John Nathan-Turner commissioned Pip and Jane Baker to write a replacement final episode. For copyright reasons they could not be told anything of the content of Saward's script (and there were lawyers observing all the commissioning meetings). The only similarity between the two is the announcement that the High Council of the Time Lords have resigned, which was a natural development of the earlier scripts. The new script ended on an optimistic note, with the Doctor departing for new adventures. In keeping with this more optimistic stance, Nathan-Turner decided to amend the script at the last minute to show how Peri had not died as shown in Mindwarp but had in fact survived and became Yrcanos's warrior queen. Her apparent death was a part of the Valeyard's tampering with the Matrix. A shot from the earlier story was used to show this. Nicola Bryant was absolutely disappointed to learn how the fate of her character had been changed. The final title of "The Ultimate Foe" was initially used for Pip and Jane Baker's broadcast episodes 9-12 serial that ultimately became known as Terror of the Vervoids.

Although the other episodes of this season were the usual 25 minutes in length, it proved impossible to edit episode 14 down to that length. Nathan-Turner applied for and received special permission for the episode to run 5 minutes over its scheduled time slot, making it 30 minutes.

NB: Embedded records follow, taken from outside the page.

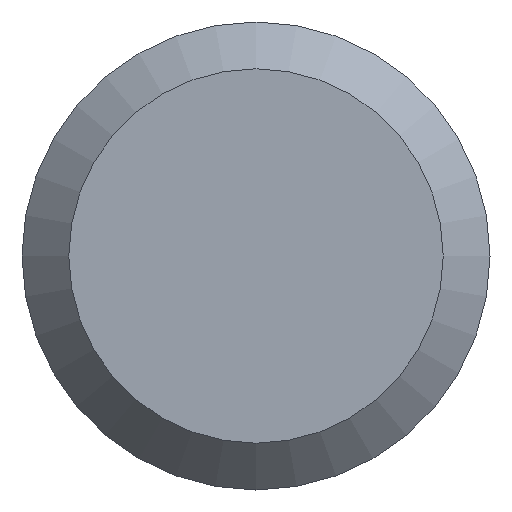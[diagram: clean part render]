
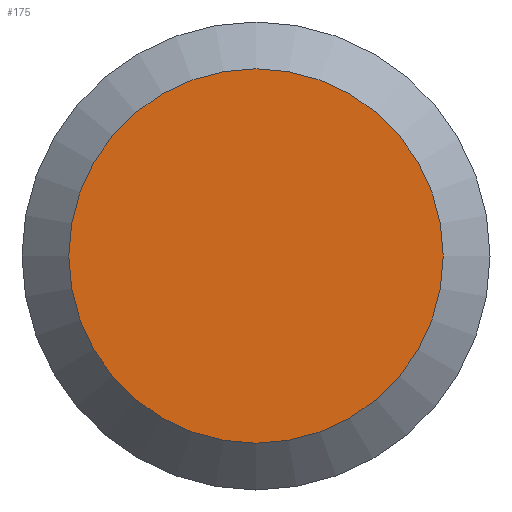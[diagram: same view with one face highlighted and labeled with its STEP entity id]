
A CAD part, left-side view. The second image highlights one B-rep face of the part: STEP entity #175.
In plain terms, the highlighted planar face has unit normal (-1, 0, 0).
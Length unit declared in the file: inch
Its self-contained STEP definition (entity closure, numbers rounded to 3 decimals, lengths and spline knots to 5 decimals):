
#3 = DIRECTION ( 'NONE',  ( 0., 0., -1. ) ) ;
#22 = CARTESIAN_POINT ( 'NONE',  ( 0., 0.0365, 0. ) ) ;
#30 = DIRECTION ( 'NONE',  ( 0., 0., -1. ) ) ;
#37 = ORIENTED_EDGE ( 'NONE', *, *, #223, .T. ) ;
#41 = PLANE ( 'NONE',  #132 ) ;
#59 = DIRECTION ( 'NONE',  ( -1., 0., 0. ) ) ;
#67 = CARTESIAN_POINT ( 'NONE',  ( 0., 0., 0. ) ) ;
#72 = EDGE_LOOP ( 'NONE', ( #37 ) ) ;
#106 = FACE_OUTER_BOUND ( 'NONE', #72, .T. ) ;
#116 = CIRCLE ( 'NONE', #135, 0.0292 ) ;
#132 = AXIS2_PLACEMENT_3D ( 'NONE', #22, #168, #3 ) ;
#135 = AXIS2_PLACEMENT_3D ( 'NONE', #67, #59, #30 ) ;
#167 = CARTESIAN_POINT ( 'NONE',  ( 0., 0., -0.0292 ) ) ;
#168 = DIRECTION ( 'NONE',  ( 1., 0., 0. ) ) ;
#175 = ADVANCED_FACE ( 'NONE', ( #106 ), #41, .F. ) ;
#223 = EDGE_CURVE ( 'NONE', #235, #235, #116, .T. ) ;
#235 = VERTEX_POINT ( 'NONE', #167 ) ;
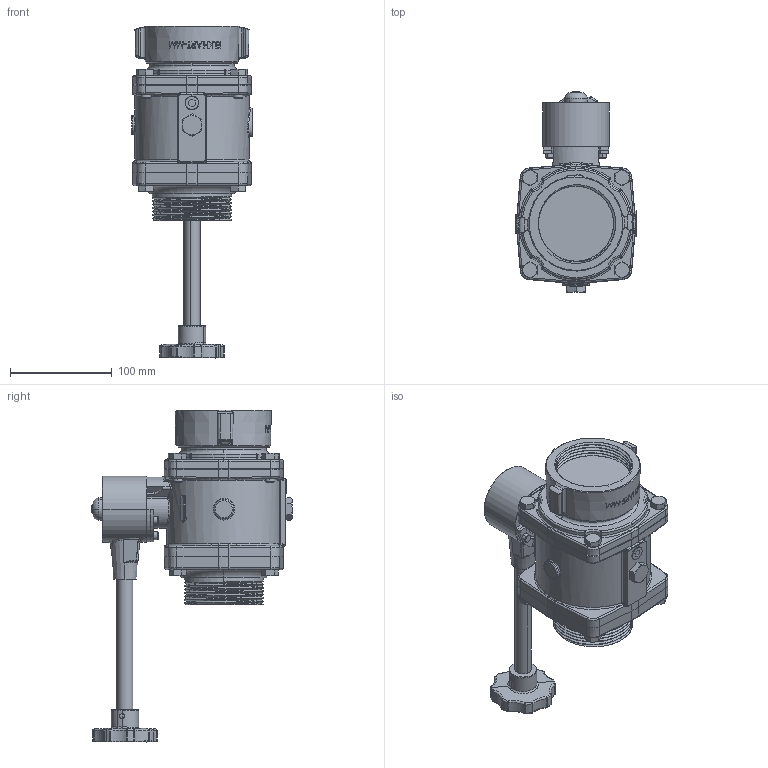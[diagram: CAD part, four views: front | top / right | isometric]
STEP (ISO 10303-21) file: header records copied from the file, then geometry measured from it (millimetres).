
FILE_DESCRIPTION (( 'STEP AP214' ), '1' );
FILE_NAME ('02859002.STEP', '2014-05-22T14:44:53', ( 'eb' ), ( '' ), 'SwSTEP 2.0', 'SolidWorks 2013', '' );
FILE_SCHEMA (( 'AUTOMOTIVE_DESIGN' ));
Length unit declared in the file: inch
Products named in the file (1): 02859002
Bounding box: 119.06 x 197.68 x 327.07 mm (x, y, z)
Volume: 1943232.2 mm3; surface area: 150945.7 mm2
Topology: 1 solids, 1 shells, 1012 faces, 2442 edges, 1450 vertices
Faces by surface type: bspline 251, plane 248, cylinder 210, cone 174, torus 72, sphere 57
Entity records: 51502 total; most frequent: CARTESIAN_POINT 23474, ORIENTED_EDGE 4818, DIRECTION 3925, EDGE_CURVE 2409, AXIS2_PLACEMENT_3D 1630, VERTEX_POINT 1446, EDGE_LOOP 1059, FACE_OUTER_BOUND 1012
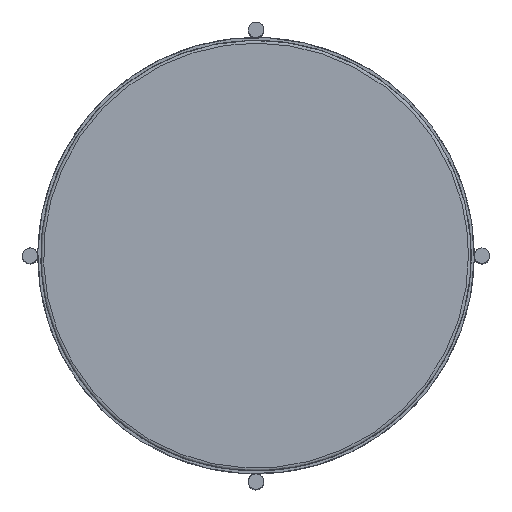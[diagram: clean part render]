
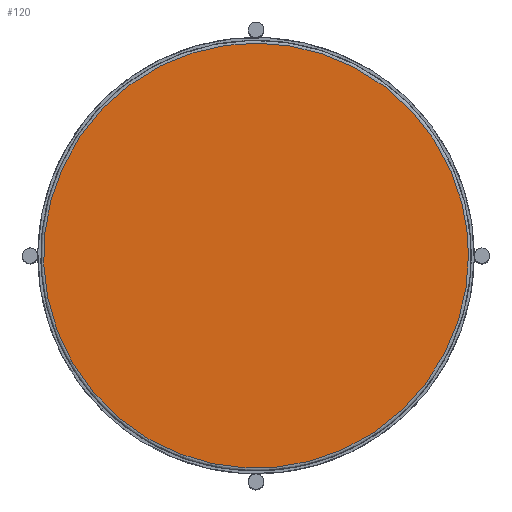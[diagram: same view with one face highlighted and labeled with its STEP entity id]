
A CAD part, top view. The second image highlights one B-rep face of the part: STEP entity #120.
In plain terms, the highlighted planar face has unit normal (0, 0, 1).
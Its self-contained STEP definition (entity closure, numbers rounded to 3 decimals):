
#120=ADVANCED_FACE('',(#197),#1074,.T.);
#197=FACE_OUTER_BOUND('',#274,.T.);
#274=EDGE_LOOP('',(#374));
#374=ORIENTED_EDGE('',*,*,#711,.F.);
#711=EDGE_CURVE('',#974,#974,#880,.T.);
#880=(
BOUNDED_CURVE()
B_SPLINE_CURVE(2,(#1303,#1304,#1305,#1306,#1307,#1308,#1309,#1310,#1311),
 .UNSPECIFIED.,.T.,.F.)
B_SPLINE_CURVE_WITH_KNOTS((3,2,2,2,3),(0.,344.004,688.009,
1032.013,1376.017),.UNSPECIFIED.)
CURVE()
GEOMETRIC_REPRESENTATION_ITEM()
RATIONAL_B_SPLINE_CURVE((1.,0.707,1.,0.707,1.,0.707,
1.,0.707,1.))
REPRESENTATION_ITEM('')
);
#974=VERTEX_POINT('',#1287);
#1074=PLANE('',#1165);
#1165=AXIS2_PLACEMENT_3D('',#1229,#1188,$);
#1188=DIRECTION('',(0.,0.,1.));
#1229=CARTESIAN_POINT('',(-277.5,277.5,400.));
#1287=CARTESIAN_POINT('',(219.,0.,400.));
#1303=CARTESIAN_POINT('',(219.,0.,400.));
#1304=CARTESIAN_POINT('',(219.,-219.,400.));
#1305=CARTESIAN_POINT('',(0.,-219.,400.));
#1306=CARTESIAN_POINT('',(-219.,-219.,400.));
#1307=CARTESIAN_POINT('',(-219.,0.,400.));
#1308=CARTESIAN_POINT('',(-219.,219.,400.));
#1309=CARTESIAN_POINT('',(0.,219.,400.));
#1310=CARTESIAN_POINT('',(219.,219.,400.));
#1311=CARTESIAN_POINT('',(219.,0.,400.));

| Episode | Title | Run time | Original release date | UK viewers (millions) |
|---|---|---|---|---|
| 1 | "Part Thirteen" | 24:42 | 29 November 1986 | 4.4 |
| 2 | "Part Fourteen" | 29:30 | 6 December 1986 | 5.6 |

==Commercial releases==

===In print===

A novelisation of this serial, written by Pip and Jane Baker, was published by Target Books in April 1988 as The Ultimate Foe. The Ultimate Foe was the working title for the 9th to 12th parts of the season, now generally called Terror of the Vervoids. The novel ends with an additional scene in which Mel is returned to the Doctor's future, and hints that the events of the following serial Time and the Rani took place after several other adventures and before the Sixth Doctor's regeneration.

===Home media===
In October 1993, this story was released on VHS as part of the three-cassette The Trial of a Time Lord set. On 29 September 2008, it was released on Region 2 DVD, similarly boxed with the other three stories of this season. This serial was scheduled to be released as part of the Doctor Who DVD Files in Issue 132 on 22 January 2014.

A limited edition Blu-Ray set of the series was released in October 2019 featuring optional extended versions of all 14 episodes as part of the extra features package.